What’s the magic number? How rich is too rich to not need LTC insurance protection? Even though I think that is the wrong question to ask (see next question), my answer is this: If you can write a check each month, indefinitely, for the kind of long-term care that you and your spouse will desire should you have the need, and it doesn’t bother you to write this check, then you may want to pass on LTC insurance.
“I want a number. Exactly how much does someone have to have to not need LTC insurance?”
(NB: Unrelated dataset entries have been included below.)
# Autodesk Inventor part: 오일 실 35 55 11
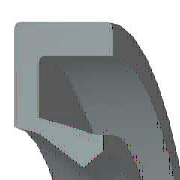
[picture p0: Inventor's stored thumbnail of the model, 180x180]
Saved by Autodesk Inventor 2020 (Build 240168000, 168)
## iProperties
Created: 2012-02
Part Number: 오일 실 35 55 11
Material: 고무
Description: 오일 실 - 비스프링, 조립 GA
Document SubType Name: Modeling
Standard: JIS B 2402
Designer: mdu-01
Standards Organization: JIS
Language: ko-KR
Size Designation: 35 55 11 A
Categories: <MemberInstance><Categories><Category DisplayName="샤프트 부품" InternalName="7f7aeb1f-a693-4053-b835-cee3144e0d98" Mnemonic="SHFT"><Category DisplayName="실링" Intern
Density: 0.93 g/cm^3
Appearance: Rubber-Black
Mass: 8.95413 g
Surface Area: 69.7587 cm^2
Volume: 9.6281 cm^3
IsCustomPart: 1
Author: mdu-01
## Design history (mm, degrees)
body "Solid1"
revolve "회전1" stored, may be unused: angle "d27" = 360 deg
fillet "모깎기1" dims "d28" = 0.55 (= 0.05 x b)
sketch "스케치2"
  geometry: L1 (20.786, -8.25)-(21.786, -11); L2 (19.452, -7.563)-(20.786, -8.25); L3 (17.5, -3.025)-(19.452, -7.563); L4 (19.038, -1.65)-(17.5, -3.025); L5 (23.5, -9.625)-(19.038, -1.65); L6 (23.5, -0.55)-(23.5, -9.625); L7 (25.5, -0.55)-(23.5, -0.55); L8 (25.5, 0)-(25.5, -0.55); L9 (27.5, 0)-(25.5, 0); L10 (27.5, -11)-(27.5, 0); L11 (21.786, -11)-(27.5, -11); L12 (0, -9.6)-(0, 1.6) reference; L13 (28, 0)-(14, 0) reference
  constraints: 22 end point, 3 horizontal, 3 vertical
  dimensions: "d2" = 11 distance of L10.start L9.start (= b); "d4" = 2 distance of L9.start L8.start (= 0.1 x dd - 0.1 x Diam); "d6" = 0.55 distance of L8.start L7.start (= 0.05 x b); "d8" = 1.53846 horizontal distance of L4.start L3.start (= 0.0769231 x dd - 0.0769231 x Diam); "d10" = 1.375 vertical distance of L5.start L10.start (= 0.125 x b); "d12" = 2 distance of L7.start L6.start (= 0.1 x dd - 0.1 x Diam); "d14" = 1.1 vertical distance of L4.start L6.start (= 0.1 x b); "d16" = 5.71429 distance of L1.end L10.start (= 0.285714 x dd - 0.285714 x Diam); "d18" = 1 horizontal distance of L1.start L1.end (= 0.05 x dd - 0.05 x Diam); "d20" = 1.375 vertical distance of L4.start L3.start (= 0.125 x b); "d22" = 2.75 vertical distance of L1.start L1.end (= 0.25 x b); "d24" = 1.33333 horizontal distance of L2.start L1.start (= 0.0666667 x dd - 0.0666667 x Diam); "d26" = 0.6875 vertical distance of L2.start L1.start (= 0.0625 x b); "d29" = 0 distance between parallel lines of L13 L9; "d30" = 17.5 distance from line of L3.start L12 (= 0.5 x Diam); "d31" = 27.5 distance between parallel lines of L12 L10 (= 0.5 x dd)
other parameters: "dd" = 55 [user parameter; used in 7 equation terms], "Diam" = 35 [user parameter; used in 7 equation terms], "b" = 11 [user parameter; used in 8 equation terms], "d1" = 8 (derived), "d3" = 2 (derived), "d5" = 0.4 (derived), "d7" = 1.53846 (derived), "d9" = 1 (derived), "d11" = 2 (derived), "d13" = 0.8 (derived), "d15" = 5.71429 (derived), "d17" = 1 (derived), "d19" = 1 (derived), "d21" = 2 (derived), "d23" = 1.33333 (derived), "d25" = 0.5 (derived), "d32" = 0

My answer is a question. How much does someone have to be worth to not need Major Medical or Medicare Supplement or homeowners insurance? The reason I ask these questions is that we don’t think of other types of insurance in terms of whether we have enough money to not need them. Think about it: There are many wealthy people who could afford to rebuild their home if it burned to the ground, and the likelihood of that kind of total loss is minimal. You may want to take this opportunity to review all your insurance with a critical eye applying sound risk management principles. Perhaps LTC coverage is not the only potentially catastrophic cost you should consider self-insuring. Assuming that you believe in the value of insurance and you insure for other large risks, why is long-term care insurance the one insurance that you won’t buy? Financially astute people don’t make the best decisions every time, but they also don’t make big mistakes. Most wealthy people don’t like their money to be vulnerable. If you buy LTC insurance and never use it, you might say you’ve made a small mistake. If you don’t buy LTC insurance and need it, you might say it was a big mistake.
Other Considerations:
Today’s average cost (2007) in a skilled facility in the Piedmont NC area is approximately $190 per day or $70,000 per year. In 25 years, at a time you’re more likely to need care, if costs rise at just 5% annually, the cost will be approximately $700,000 per year. A need of 3 years would mean $2,100,000 total costs. Regardless of how much money you have, you or your family probably won’t be happy about writing those kinds of checks!
The above example assumes just one person needs LTC. What if both spouses need it at the same time? I have clients where this is the case. It can and does happen.
How “liquid” will your assets be at claim time? Which asset will you liquidate first? Will you have to sell an equity that happens to be way down at the time? Will liquidation trigger unwanted capital gains taxes? As you save for the eventuality of needing LTC, what if your health takes an unexpected change for the worse sooner rather than later?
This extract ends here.